| WORK REQUEST |
Take every line containing "Saved" out of the records.

| GIVEN DATA |
[Start of Attachment]

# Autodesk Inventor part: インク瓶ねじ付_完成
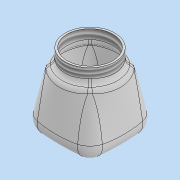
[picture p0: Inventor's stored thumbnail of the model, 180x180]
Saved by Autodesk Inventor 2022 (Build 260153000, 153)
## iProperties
Created: 2021-07
Part Number: インク瓶ねじ付_完成
Material: 一般
Document SubType Name: Modeling
Designer: DesignLab
Density: 1 g/cm^3
Appearance: 既定
Author: DesignLab
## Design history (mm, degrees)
sketch "スケッチ1"
  geometry: L1 (-17.5, -17.5)-(17.5, -17.5); L2 (17.5, -17.5)-(17.5, 17.5); L3 (17.5, 17.5)-(-17.5, 17.5); L4 (-17.5, 17.5)-(-17.5, -17.5); L5 (-17.5, -17.5)-(17.5, 17.5); L6 (17.5, -17.5)-(-17.5, 17.5); 1 further point
  constraints: 12 end point, 2 midpoint, 2 parallel, 1 horizontal, 1 perpendicular
  dimensions: "d0" = 35 distance of L3.end L2.end; "d1" = 35 distance of L2.end L1.end
node "作業平面1"
sketch "スケッチ2"
  geometry: C1 r 15 at (0, 0); 1 further point
  constraints: 1 centre point, 1 coincident
  dimensions: "d3" = 30 diameter of C1
feature "ロフト1" sketch "スケッチ2" dims "d4" = 0, "d5" = 90 deg, "d6" = 0, "d7" = 90 deg
sketch "スケッチ3"
  geometry: C1 r 12.5 at (0, 0); 1 further point
  constraints: 1 centre point, 1 coincident
  dimensions: "d8" = 25 diameter of C1
extrude "押し出し1" join sketch "スケッチ3" distance "d9" = 7; taper "d10" = 0 deg
fillet "フィレット1" dims "d11" = 7
fillet "フィレット2" dims "d12" = 3
feature "シェル1" dims "d13" = 1
feature "ねじ1" dims "d14" = 4.963, "d15" = 0
feature "ねじ2" dims "d16" = 4.963, "d17" = 0
node "ソリッド1"
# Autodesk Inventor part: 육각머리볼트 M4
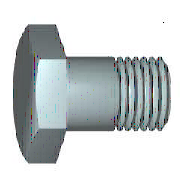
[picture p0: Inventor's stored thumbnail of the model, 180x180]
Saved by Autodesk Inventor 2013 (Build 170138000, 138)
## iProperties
IsCustomPart: 1
Created: 2012-02
Part Number: 육각머리볼트 M4
Material: 강철, 연강
Description: 6각 머리 볼트 및 6각 머리 나사
Document SubType Name: Modeling
Standard: KS B 1002
Designer: mduedu
Standards Organization: KS
Language: ko-KR
Size Designation: A + B M4 x 16
Categories: <MemberInstance><Categories><Category DisplayName="조임쇠" InternalName="e4da775c-781d-43d5-af7c-5136215cf5a6" Mnemonic="FSTN"><Category DisplayName="볼트" InternalN
Density: 1 g/cm^3
Author: mduedu
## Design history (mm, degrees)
sketch "스케치1"
  geometry: L1 (0, 2.94)-(0, 2); L2 (2.1, 2)-(16, 2); L3 (16, 2)-(16, 0); L4 (16, 0)-(-0.4, 0); L5 (-3.68, 0)-(19.28, 0) reference; L6 (-0.4, 0)-(-0.4, 2.94); L7 (-0.4, 2.94)-(0, 2.94); L8 (2.1, 2)-(1.67, 2); L9 (1.67, 2)-(0, 2); L10 (0, -0.588)-(0, 3.528) reference
  constraints: 16 end point, 2 collinear, 2 perpendicular, 1 parallel
  dimensions: "d0" = 16 distance between parallel lines of L3 L1 (= NLG); "d1" = 13.9 distance from line of L2.start L3 (= GEL); "d2" = 4 diameter of L2 L4 (= GD); "d9" = 0.4001 distance between parallel lines of L6 L1 (computed from SD); "d10" = 5.88 diameter of L7 L4 (= SD2); "d13" = 0.42952 distance of L2.start L8.end (computed from GAL); "d14" = 4 diameter of L9 L4 (= BDM)
revolve "본체" sketch "스케치1" stored, may be unused: angle "d12" = 90 deg
sketch "스케치2"
  geometry: L1 (0, 4.041)-(3.5, 2.021); L2 (3.5, 2.021)-(3.5, -2.021); L3 (3.5, -2.021)-(0, -4.041); L4 (0, -4.041)-(-3.5, -2.021); L5 (-3.5, -2.021)-(-3.5, 2.021); L6 (-3.5, 2.021)-(0, 4.041); 2 further points
  constraints: 12 end point, 1 coincident, 1 vertical, 11 other
  dimensions: "d11" = 7 distance between parallel lines of L5 L2 (= SW)
extrude "머리" join sketch "스케치2" distance "d3" = 2.4 (= KOH - SD); taper "d4" = 0 deg
sketch "스케치4"
  geometry: L1 (-2.8, 3.5)-(-2.8, 4.041); L2 (-2.8, 4.041)-(-2.487, 4.041); L3 (-2.487, 4.041)-(-2.8, 3.5); L4 (-3.28, 0)-(0.08, 0) reference; L5 (-0.4, 4.041)-(-2.8, 4.041) reference; L6 (-2.8, 2.021)-(-2.8, 4.041) reference
  constraints: 6 end point, 2 collinear, 1 perpendicular, 1 vertical
  dimensions: "d5" = 30 deg angle of L3 L1 (= ANG1); "d19" = 7 diameter of L1.start L4 (= SW0)
revolve "모따기1" sketch "스케치4" stored, may be unused: angle "d21" = 90 deg
workplane "Work Plane1"
body "Solid1"
feature "스레드" dims "d15" = 13.9 (= GEL), "d16" = 0
chamfer "모따기2" distance "d6" = 0.42941 (= -0.5 x SPD + 0.5 x GD); stored, may be unused: second distance "d7" = 0.42952 (computed from GUL), angle "d55" = 45 deg
other parameters: "NLG" = 16 [user parameter; used in 1 equation term], "GD" = 4 (= NND) [user parameter; used in 2 equation terms], "BDM" = 4 (= NND) [user parameter; used in 1 equation term], "KOH" = 2.8 [user parameter; used in 1 equation term], "GEL" = 13.9 [user parameter; used in 2 equation terms], "SW" = 7 [user parameter; used in 3 equation terms], "SW0" = 7 (= SW) [user parameter; used in 1 equation term], "SPD" = 3.14117 (= NND - 1.2269 x PTC) [user parameter; used in 1 equation term], "SD2" = 5.88 (= SDH) [user parameter; used in 1 equation term], "SD" = 0.4 [user parameter; used in 2 equation terms], "ANG1" = 30 deg [user parameter; used in 1 equation term], "GAL" = 0.42941 (= 0.61345 x PTC) [user parameter; used in 1 equation term], "GUL" = 0.42941 (= 0.61345 x PTC) [user parameter; used in 1 equation term], "d8" = 0, "RR" = 0.2 [user parameter], "d57" = 0, "d58" = 0, "TPU" = 14.28571 (computed from PTC) [user parameter], "GD1" = 3.14117 (= THREADDIA - 1.2269 x PTC) [user parameter], "THREADDIA" = 4 [user parameter; used in 1 equation term], "SDH" = 5.88 [user parameter; used in 1 equation term], "SDHG" = 2.1 [user parameter], "TOA" = 30 deg [user parameter], "PTC" = 0.7 [user parameter; used in 5 equation terms], "NND" = 4 [user parameter; used in 3 equation terms], "E0" = 8.085 (= 1.155 x SW) [user parameter]
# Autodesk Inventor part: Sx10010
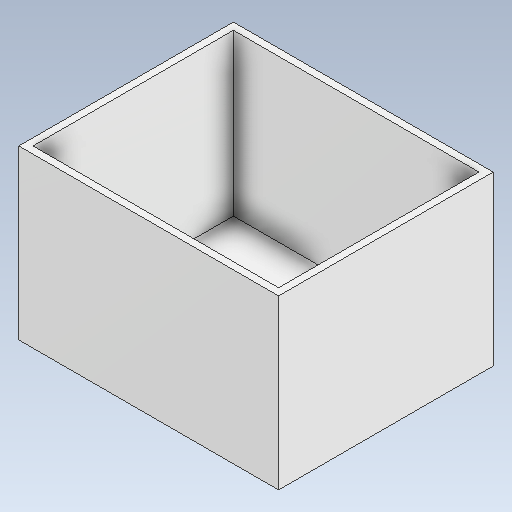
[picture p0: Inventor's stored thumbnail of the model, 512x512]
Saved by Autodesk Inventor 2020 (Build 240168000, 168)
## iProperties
Created: 2021-02
Part Number: Sx10010
Material: Generico
Document SubType Name: Modeling
Designer: zambolin
Density: 1 g/cm^3
Appearance: Default
Author: zambolin
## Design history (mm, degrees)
feature "Solido2"
node "Solido1"
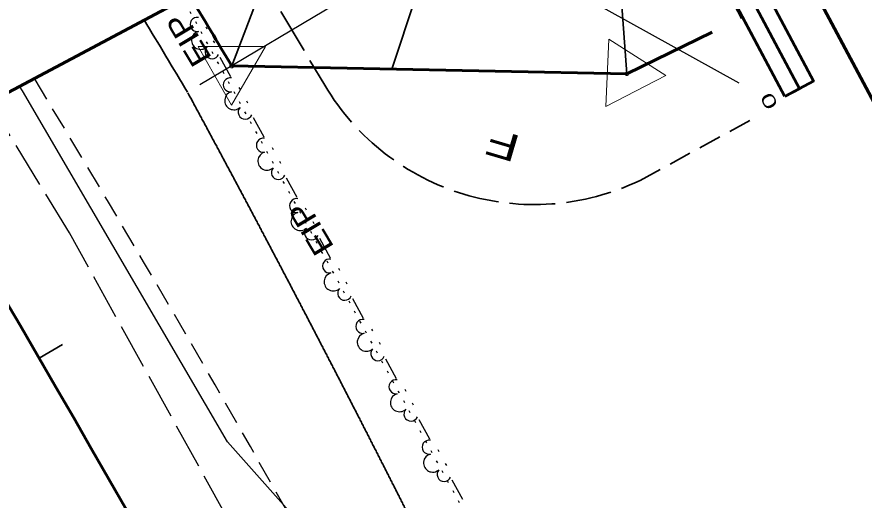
# Model space of a CAD drawing. Extents: x 2402199 to 2404507, y 568050 to 571478.
# Drawn here: x 2402420.4 to 2402576.7, y 571125.2 to 571214.3 of the extents above; entities that cross this region are included whole.
import ezdxf
from ezdxf.enums import TextEntityAlignment as Align

# ---------------------------------------------------------------- set-up
doc = ezdxf.new("R2010")
doc.units = 0
doc.header["$LTSCALE"] = 1.4
doc.header["$PDMODE"] = 32
doc.header["$PDSIZE"] = 0.7
for name, pattern in [('DOTTED', [1.5, 0.3, -1.2]), ('LONG_DASHED', [7.5, 6, -1.5]), ('MEDIUM_DASHED', [4.5, 3, -1.5])]:
    doc.linetypes.add(name, pattern=pattern)
for name, color, linetype, lineweight in [('1', 7, 'Continuous', 35), ('11', 7, 'Continuous', 25), ('15', 7, 'DOTTED', 40), ('17', 7, 'MEDIUM_DASHED', 35), ('19', 7, 'Continuous', 35), ('28', 7, 'Continuous', 25), ('3', 7, 'Continuous', 25), ('4', 7, 'Continuous', 13), ('52', 7, 'Continuous', 25), ('6', 7, 'Continuous', 35), ('62', 7, 'Continuous', 60), ('63', 7, 'Continuous', 35), ('9', 7, 'Continuous', 13)]:
    doc.layers.add(name, color=color, linetype=linetype, lineweight=lineweight)
doc.layers.add('14', color=7, linetype='Continuous')

msp = doc.modelspace()

# ---------------------------------------------------------------- linework, layer by layer
at = {"layer": '1'}
msp.add_arc((2399929.798, 569697.989), 2935.633, 30.78279, 31.08702, dxfattribs=at)
for points in [[(2402483.513, 571140.326), (2402483.095, 571141.14), (2402482.672, 571141.963), (2402482.255, 571142.777), (2402481.837, 571143.591), (2402481.418, 571144.405), (2402480.999, 571145.218), (2402480.581, 571146.032), (2402480.161, 571146.845), (2402479.742, 571147.659), (2402479.322, 571148.471), (2402478.902, 571149.285), (2402478.482, 571150.098), (2402478.056, 571150.92), (2402477.635, 571151.732), (2402477.215, 571152.544), (2402476.794, 571153.357), (2402476.372, 571154.169), (2402475.95, 571154.981), (2402475.528, 571155.794), (2402475.106, 571156.606), (2402474.683, 571157.417), (2402474.26, 571158.229), (2402473.837, 571159.041), (2402473.413, 571159.853), (2402472.985, 571160.673), (2402472.561, 571161.484), (2402472.137, 571162.295), (2402471.713, 571163.106), (2402471.288, 571163.917), (2402470.863, 571164.728), (2402470.438, 571165.539), (2402470.012, 571166.349), (2402469.587, 571167.159), (2402469.161, 571167.97), (2402468.735, 571168.78), (2402468.303, 571169.599), (2402467.876, 571170.409), (2402467.45, 571171.218), (2402467.022, 571172.028), (2402466.595, 571172.837), (2402466.167, 571173.647), (2402465.739, 571174.456), (2402465.311, 571175.265), (2402464.882, 571176.074), (2402464.453, 571176.883), (2402464.024, 571177.693), (2402463.59, 571178.51), (2402463.16, 571179.318), (2402462.731, 571180.126), (2402462.3, 571180.935), (2402461.87, 571181.743), (2402461.439, 571182.551), (2402461.009, 571183.358), (2402460.578, 571184.167), (2402460.146, 571184.974), (2402459.714, 571185.782), (2402459.282, 571186.59), (2402458.845, 571187.405), (2402458.413, 571188.213), (2402457.98, 571189.02), (2402457.547, 571189.826), (2402457.114, 571190.633), (2402456.681, 571191.44), (2402456.247, 571192.247), (2402455.813, 571193.053), (2402455.379, 571193.859), (2402454.945, 571194.666), (2402454.509, 571195.472), (2402454.07, 571196.286), (2402453.635, 571197.092), (2402453.199, 571197.897), (2402452.763, 571198.703), (2402451.891, 571200.313)], [(2402513.706, 571079.688), (2402513.308, 571080.51), (2402512.909, 571081.333), (2402512.511, 571082.156), (2402512.112, 571082.978), (2402511.713, 571083.801), (2402511.314, 571084.623), (2402510.914, 571085.446), (2402510.514, 571086.268), (2402510.113, 571087.091), (2402509.708, 571087.921), (2402509.308, 571088.743), (2402508.907, 571089.564), (2402508.505, 571090.386), (2402508.104, 571091.207), (2402507.703, 571092.029), (2402507.3, 571092.85), (2402506.898, 571093.671), (2402506.496, 571094.492), (2402506.093, 571095.313), (2402505.689, 571096.134), (2402505.281, 571096.964), (2402504.878, 571097.784), (2402504.474, 571098.604), (2402504.07, 571099.424), (2402503.666, 571100.245), (2402503.261, 571101.064), (2402502.856, 571101.884), (2402502.451, 571102.704), (2402502.046, 571103.524), (2402501.64, 571104.344), (2402501.234, 571105.164), (2402500.823, 571105.992), (2402500.416, 571106.811), (2402500.01, 571107.63), (2402499.603, 571108.449), (2402499.195, 571109.268), (2402498.788, 571110.086), (2402498.38, 571110.905), (2402497.972, 571111.724), (2402497.564, 571112.542), (2402497.155, 571113.361), (2402496.746, 571114.179), (2402496.333, 571115.006), (2402495.924, 571115.824), (2402495.514, 571116.642), (2402495.104, 571117.459), (2402494.694, 571118.277), (2402494.284, 571119.094), (2402493.873, 571119.912), (2402493.462, 571120.729), (2402493.051, 571121.547), (2402492.64, 571122.363), (2402492.228, 571123.181), (2402491.811, 571124.006), (2402491.399, 571124.823), (2402490.986, 571125.639), (2402490.574, 571126.456), (2402490.161, 571127.272), (2402489.748, 571128.088), (2402489.334, 571128.904), (2402488.92, 571129.72), (2402488.506, 571130.536), (2402488.092, 571131.351), (2402487.677, 571132.167), (2402487.257, 571132.992), (2402486.842, 571133.807), (2402486.427, 571134.622), (2402486.012, 571135.437), (2402485.596, 571136.252), (2402485.18, 571137.067), (2402484.763, 571137.882), (2402484.347, 571138.696), (2402483.93, 571139.511), (2402483.513, 571140.325)], [(2402513.706, 571079.688), (2402513.308, 571080.51), (2402512.909, 571081.333), (2402512.511, 571082.156), (2402512.112, 571082.978), (2402511.713, 571083.801), (2402511.314, 571084.623), (2402510.914, 571085.446), (2402510.514, 571086.268), (2402510.113, 571087.091), (2402509.708, 571087.921), (2402509.308, 571088.743), (2402508.907, 571089.564), (2402508.505, 571090.386), (2402508.104, 571091.207), (2402507.703, 571092.029), (2402507.3, 571092.85), (2402506.898, 571093.671), (2402506.496, 571094.492), (2402506.093, 571095.313), (2402505.689, 571096.134), (2402505.281, 571096.964), (2402504.878, 571097.784), (2402504.474, 571098.604), (2402504.07, 571099.424), (2402503.666, 571100.245), (2402503.261, 571101.064), (2402502.856, 571101.884), (2402502.451, 571102.704), (2402502.046, 571103.524), (2402501.64, 571104.344), (2402501.234, 571105.164), (2402500.823, 571105.992), (2402500.416, 571106.811), (2402500.01, 571107.63), (2402499.603, 571108.449), (2402499.195, 571109.268), (2402498.788, 571110.086), (2402498.38, 571110.905), (2402497.972, 571111.724), (2402497.564, 571112.542), (2402497.155, 571113.361), (2402496.746, 571114.179), (2402496.333, 571115.006), (2402495.924, 571115.824), (2402495.514, 571116.642), (2402495.104, 571117.459), (2402494.694, 571118.277), (2402494.284, 571119.094), (2402493.873, 571119.912), (2402493.462, 571120.729), (2402493.051, 571121.547), (2402492.64, 571122.363), (2402492.228, 571123.181), (2402491.811, 571124.006), (2402491.399, 571124.823), (2402490.986, 571125.639), (2402490.574, 571126.456), (2402490.161, 571127.272), (2402489.748, 571128.088), (2402489.334, 571128.904), (2402488.92, 571129.72), (2402488.506, 571130.536), (2402488.092, 571131.351), (2402487.677, 571132.167), (2402487.257, 571132.992), (2402486.842, 571133.807), (2402486.427, 571134.622), (2402486.012, 571135.437), (2402485.596, 571136.252), (2402485.18, 571137.067), (2402484.763, 571137.882), (2402484.347, 571138.696), (2402483.93, 571139.511), (2402483.513, 571140.325)]]:
    msp.add_spline(points, degree=3, dxfattribs=at)
at = {"layer": '11', "linetype": 'DOTTED'}
msp.add_line((2402506.107, 571117.3), (2402451.036, 571217.605), dxfattribs=at)
at = {"layer": '11'}
for p, q in [((2402455.475, 571212.078), (2402455.277, 571212.438)), ((2402456.856, 571209.56), (2402456.66, 571209.919)), ((2402459.853, 571203.252), (2402457.879, 571206.847)), ((2402461.593, 571200.932), (2402461.396, 571201.292)), ((2402462.975, 571198.418), (2402462.777, 571198.777)), ((2402465.971, 571192.108), (2402463.997, 571195.703)), ((2402467.712, 571189.789), (2402467.514, 571190.149)), ((2402469.094, 571187.273), (2402468.896, 571187.633)), ((2402472.089, 571180.964), (2402470.116, 571184.559)), ((2402473.831, 571178.645), (2402473.633, 571179.005)), ((2402475.213, 571176.127), (2402475.016, 571176.487)), ((2402478.208, 571169.821), (2402476.235, 571173.414)), ((2402479.949, 571167.501), (2402479.752, 571167.86)), ((2402481.33, 571164.986), (2402481.132, 571165.345)), ((2402484.327, 571158.676), (2402482.353, 571162.271)), ((2402486.067, 571156.358), (2402485.869, 571156.718)), ((2402487.448, 571153.842), (2402487.251, 571154.201)), ((2402490.445, 571147.532), (2402488.471, 571151.127)), ((2402492.185, 571145.214), (2402491.988, 571145.574)), ((2402493.567, 571142.696), (2402493.371, 571143.056)), ((2402496.564, 571136.388), (2402494.59, 571139.983)), ((2402498.304, 571134.068), (2402498.107, 571134.427)), ((2402499.685, 571131.554), (2402499.488, 571131.913)), ((2402502.682, 571125.244), (2402500.708, 571128.839))]:
    msp.add_line(p, q, dxfattribs=at)
for centre, radius, start, end in [((2402453.607, 571212.923), 1.297, 79.53681, 280.33338), ((2402454.27, 571210.012), 1.691, 104.73209, 312.80458), ((2402456.37, 571207.891), 1.297, 137.20328, 337.99985), ((2402459.725, 571201.779), 1.297, 79.53681, 280.33338), ((2402460.388, 571198.868), 1.691, 104.73209, 312.80458), ((2402462.489, 571196.746), 1.297, 137.20328, 337.99985), ((2402465.844, 571190.635), 1.297, 79.53681, 280.33338), ((2402466.507, 571187.724), 1.691, 104.73209, 312.80458), ((2402468.607, 571185.602), 1.297, 137.20328, 337.99985), ((2402471.962, 571179.491), 1.297, 79.53681, 280.33338), ((2402472.625, 571176.58), 1.691, 104.73209, 312.80458), ((2402474.726, 571174.458), 1.297, 137.20328, 337.99985), ((2402478.081, 571168.347), 1.297, 79.53681, 280.33338), ((2402478.744, 571165.436), 1.691, 104.73209, 312.80458), ((2402480.844, 571163.314), 1.297, 137.20328, 337.99985), ((2402484.199, 571157.203), 1.297, 79.53681, 280.33338), ((2402484.862, 571154.292), 1.691, 104.73209, 312.80458), ((2402486.963, 571152.17), 1.297, 137.20328, 337.99985), ((2402490.318, 571146.059), 1.297, 79.53681, 280.33338), ((2402490.981, 571143.148), 1.691, 104.73209, 312.80458), ((2402493.081, 571141.026), 1.297, 137.20328, 337.99985), ((2402496.436, 571134.915), 1.297, 79.53681, 280.33338), ((2402497.099, 571132.004), 1.691, 104.73209, 312.80458), ((2402499.2, 571129.882), 1.297, 137.20328, 337.99985)]:
    msp.add_arc(centre, radius, start, end, dxfattribs=at)
at = {"layer": '15'}
msp.add_arc((2399911.332, 569690.208), 2887.133, 22.84472, 37.57762, dxfattribs=at)
at = {"layer": '17', "linetype": 'LONG_DASHED'}
msp.add_line((2402463.715, 571224.347), (2402477.172, 571201.701), dxfattribs=at)
at = {"layer": '17', "linetype": 'Continuous', "lineweight": 60}
for p, q in [((2402548.672, 571211.487), (2402532.935, 571203.827)), ((2402532.935, 571203.827), (2402460.002, 571205.264))]:
    msp.add_line(p, q, dxfattribs=at)
at = {"layer": '17'}
msp.add_line((2402535.371, 571184.14), (2402556.949, 571195.919), dxfattribs=at)
at = {"layer": '17', "linetype": 'Continuous', "lineweight": 60}
msp.add_arc((2399929.798, 569697.989), 2945.133, 30.78279, 31.07706, dxfattribs=at)
at = {"layer": '17', "lineweight": 25}
msp.add_arc((2399953.615, 569708.021), 2887.133, 22.84472, 31.18511, dxfattribs=at)
at = {"layer": '17', "linetype": 'LONG_DASHED'}
msp.add_arc((2402515.857, 571224.689), 45, 210.71926, 295.69882, dxfattribs=at)
at = {"layer": '19'}
for p, q in [((2402532.935, 571203.827), (2402529.783, 571247.012)), ((2402460.002, 571205.264), (2402468.245, 571226.755))]:
    msp.add_line(p, q, dxfattribs=at)
at = {"layer": '19', "linetype": 'LONG_DASHED', "lineweight": 25}
msp.add_lwpolyline([(2402553.96, 570938.781), (2402489.547, 571067.152), (2402430.056, 571174.439), (2402385.495, 571247.202)], dxfattribs=at)
at = {"layer": '28'}
msp.add_lwpolyline([(2402608.658, 571102.353), (2402586.696, 571091.641), (2402563.737, 571084.481), (2402534.511, 571079.781), (2402500.05, 571089.933), (2402459.199, 571135.878), (2402421.36, 571200.686), (2402420.824, 571201.541)], dxfattribs=at)
at = {"layer": '3'}
msp.add_lwpolyline([(2402603.164, 571099.846), (2402586.696, 571091.641), (2402563.737, 571084.481), (2402534.511, 571079.781), (2402500.05, 571089.933), (2402459.199, 571135.878), (2402421.36, 571200.686), (2402420.824, 571201.541)], dxfattribs=at)
at = {"layer": '4', "lineweight": 35}
msp.add_line((2402542.396, 571236.363), (2402554.121, 571214.041), dxfattribs=at)
at = {"layer": '52'}
msp.add_line((2402553.666, 571202.093), (2402489.124, 571237.857), dxfattribs=at)
at = {"layer": '6'}
for p, q in [((2402489.56, 571204.682), (2402502.996, 571245.233)), ((2402424.462, 571151.326), (2402428.783, 571153.843))]:
    msp.add_line(p, q, dxfattribs=at)
at = {"layer": '62'}
msp.add_arc((2399929.798, 569697.989), 2887.133, 22.84477, 31.13893, dxfattribs=at)
at = {"layer": '63', "lineweight": 60}
msp.add_line((2402531.138, 571287.671), (2402757.403, 570862.128), dxfattribs=at)
at = {"layer": '63', "lineweight": 25}
msp.add_line((2402529.855, 571246.876), (2402454.128, 571201.765), dxfattribs=at)
at = {"layer": '63', "lineweight": 60}
msp.add_lwpolyline([(2402542.527, 571266.252), (2402277.643, 571125.41), (2402266.253, 571146.83), (2402531.138, 571287.671)], close=True, dxfattribs=at)
at = {"layer": '63', "lineweight": 53}
for points in [[(2402562.117, 571199.632), (2402533.948, 571252.609), (2402539.222, 571255.413), (2402567.39, 571202.436)], [(2402562.117, 571199.632), (2402548.081, 571226.03), (2402550.746, 571227.448), (2402564.783, 571201.049)]]:
    msp.add_lwpolyline(points, close=True, dxfattribs=at)
at = {"layer": '9'}
for points in [[(2402540.138, 571203.476), (2402529.041, 571197.768), (2402529.621, 571210.233)], [(2402459.971, 571198.052), (2402453.776, 571208.884), (2402466.254, 571208.859)]]:
    msp.add_lwpolyline(points, close=True, dxfattribs=at)
for p in [(2402460, 571205.265), (2402532.933, 571203.825)]:
    msp.add_point(p, dxfattribs=at)

# ---------------------------------------------------------------- texts
at = {"layer": '14', "width": 1.2}
for p in [(2402453.773, 571211.146), (2402476.342, 571176.297)]:
    msp.add_text('EIP', height=4, rotation=120.856, dxfattribs=at).set_placement(p, align=Align.CENTER)
at = {"layer": '17', "width": 1.45}
msp.add_text('F', height=5, rotation=163.601, dxfattribs=at).set_placement((2402510.749, 571193.054), align=Align.CENTER)
at = {"layer": '63', "width": 1.65}
msp.add_text('0', height=2.399, rotation=118, dxfattribs=at).set_placement((2402560.242, 571199.351), align=Align.CENTER)

doc.saveas('drawing.dxf')

[End of Attachment]

| EXPECTED ANSWER |
Saved by Autodesk Inventor 2022 (Build 260153000, 153)
Saved by Autodesk Inventor 2013 (Build 170138000, 138)
Saved by Autodesk Inventor 2020 (Build 240168000, 168)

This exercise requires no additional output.